* WORK REQUIRED *
Check every line of the records below for the string "cylindrical", then report only how many lines have it.

Entries taken from a collection
= Beginning of Section =
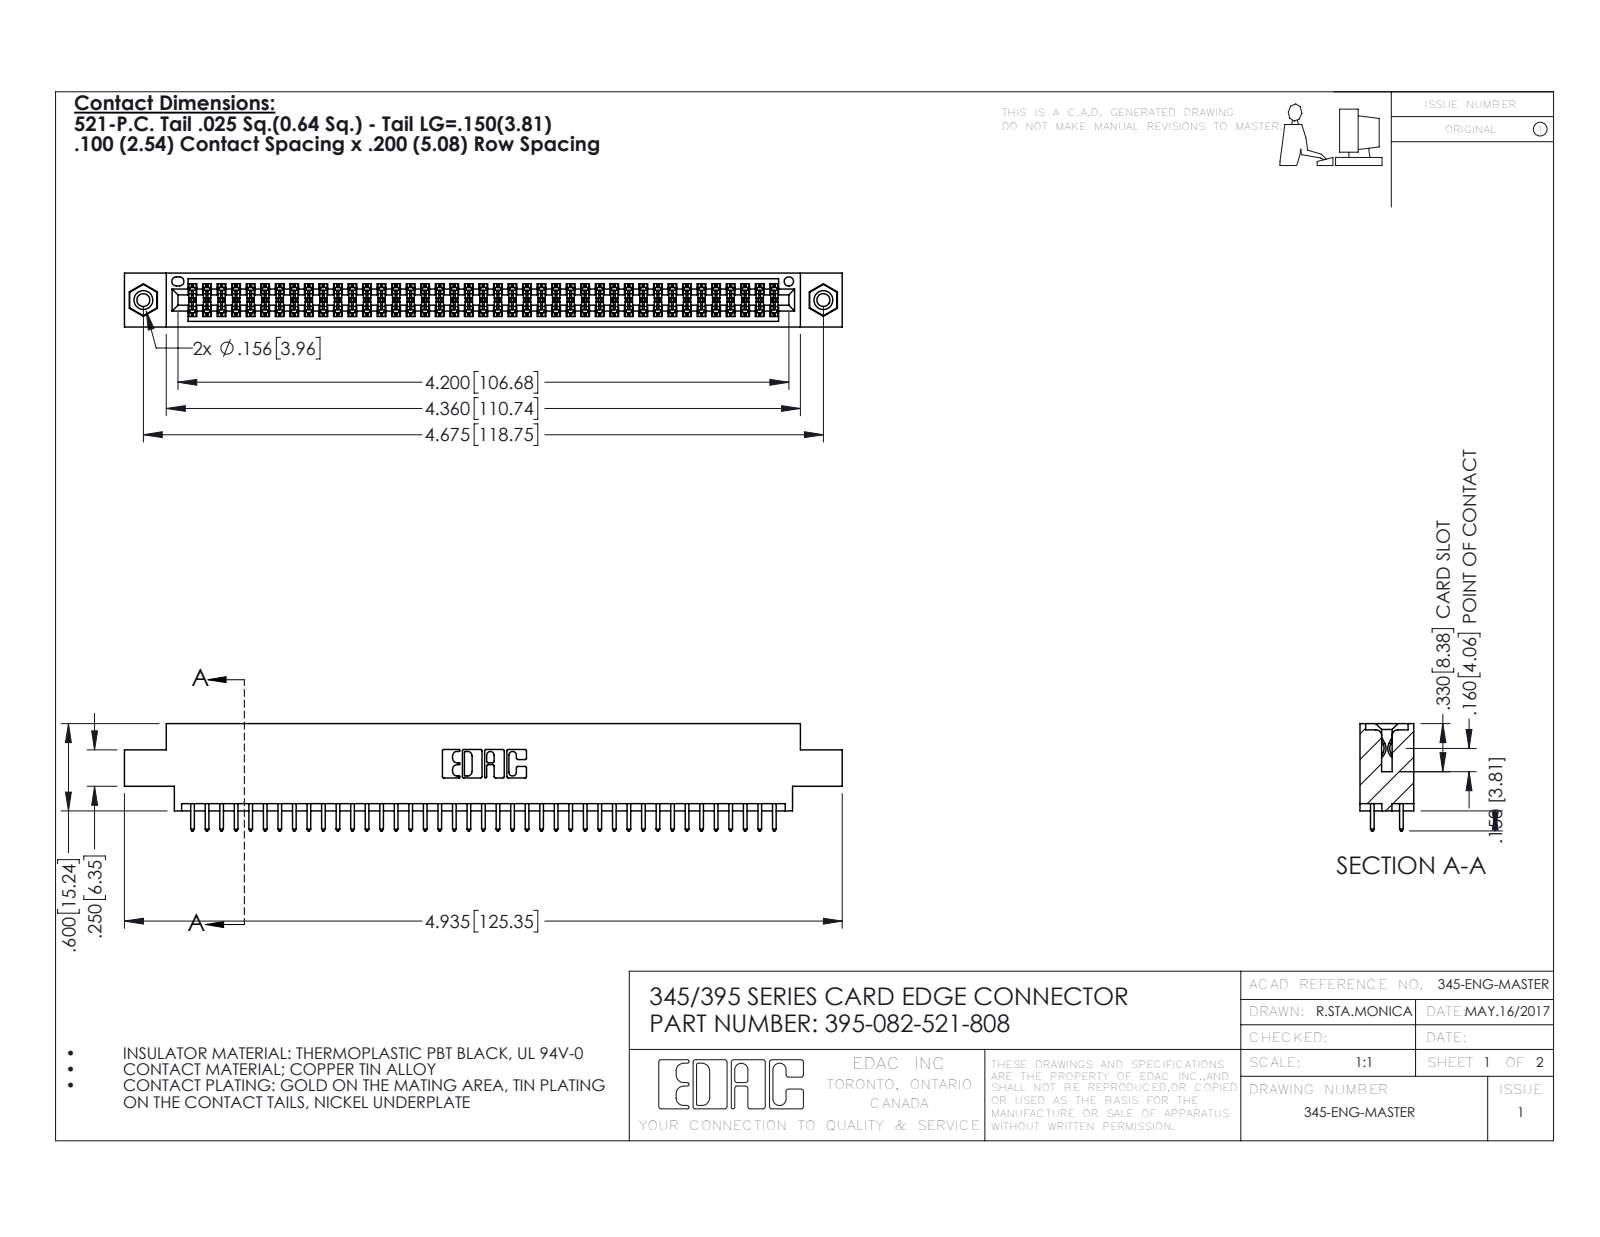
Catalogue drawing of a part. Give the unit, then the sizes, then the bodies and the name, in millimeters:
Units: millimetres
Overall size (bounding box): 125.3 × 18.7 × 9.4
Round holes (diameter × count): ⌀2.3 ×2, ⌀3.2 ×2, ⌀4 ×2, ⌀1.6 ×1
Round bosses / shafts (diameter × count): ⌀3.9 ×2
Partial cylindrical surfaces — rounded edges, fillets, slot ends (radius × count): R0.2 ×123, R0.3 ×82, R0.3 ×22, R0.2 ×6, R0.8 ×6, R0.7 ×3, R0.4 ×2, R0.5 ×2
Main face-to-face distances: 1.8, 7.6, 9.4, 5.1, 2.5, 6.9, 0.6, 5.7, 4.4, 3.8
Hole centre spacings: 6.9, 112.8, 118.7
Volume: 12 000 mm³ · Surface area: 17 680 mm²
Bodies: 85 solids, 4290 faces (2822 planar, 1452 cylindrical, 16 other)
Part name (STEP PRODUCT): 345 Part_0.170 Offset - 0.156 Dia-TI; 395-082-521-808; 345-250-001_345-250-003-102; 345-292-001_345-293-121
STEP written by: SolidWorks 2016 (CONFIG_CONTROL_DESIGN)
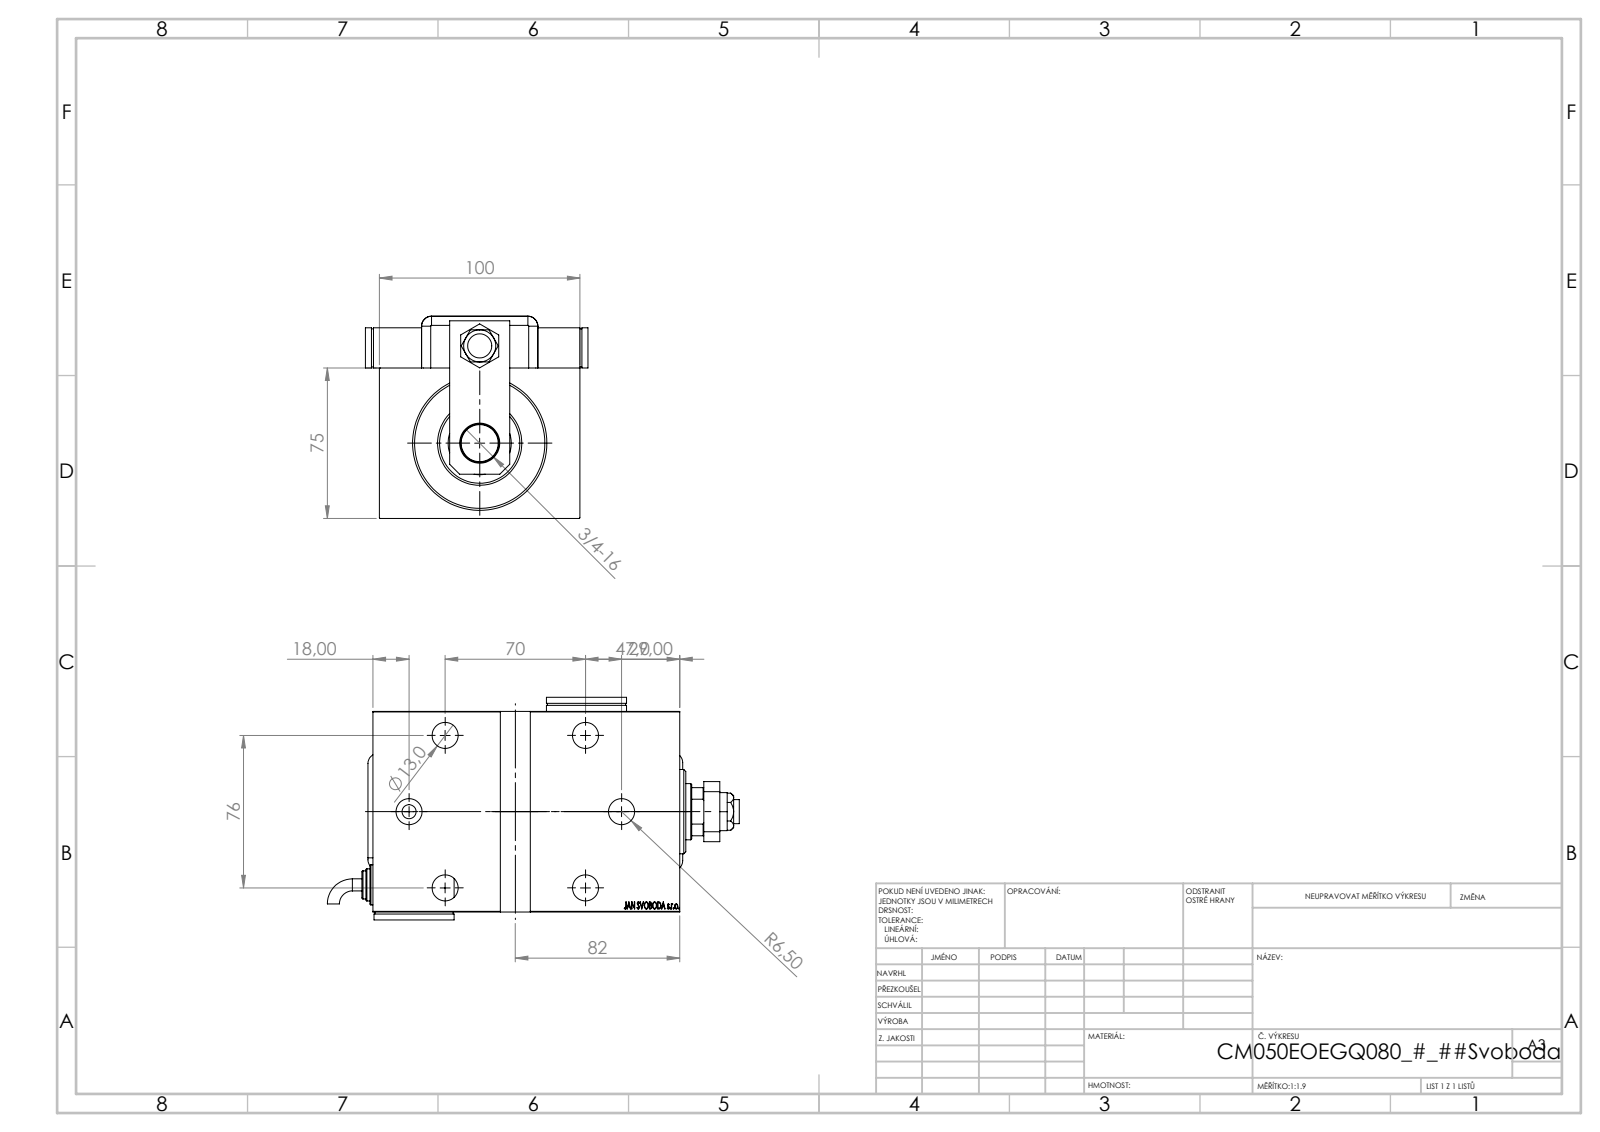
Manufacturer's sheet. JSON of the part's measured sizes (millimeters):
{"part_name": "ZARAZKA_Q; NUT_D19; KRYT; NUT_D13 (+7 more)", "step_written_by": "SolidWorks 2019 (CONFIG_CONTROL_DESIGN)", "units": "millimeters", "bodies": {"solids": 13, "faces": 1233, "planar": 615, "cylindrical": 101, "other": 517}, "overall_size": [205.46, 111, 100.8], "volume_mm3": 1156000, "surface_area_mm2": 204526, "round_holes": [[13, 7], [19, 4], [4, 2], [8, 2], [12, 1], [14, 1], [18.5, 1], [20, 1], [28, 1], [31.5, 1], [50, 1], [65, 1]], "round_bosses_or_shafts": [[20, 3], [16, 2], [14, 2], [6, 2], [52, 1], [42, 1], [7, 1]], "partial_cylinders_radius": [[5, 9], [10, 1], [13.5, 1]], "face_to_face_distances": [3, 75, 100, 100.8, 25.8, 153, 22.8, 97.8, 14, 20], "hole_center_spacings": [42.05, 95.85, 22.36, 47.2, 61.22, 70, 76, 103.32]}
= End of Section =
* RESULT *
3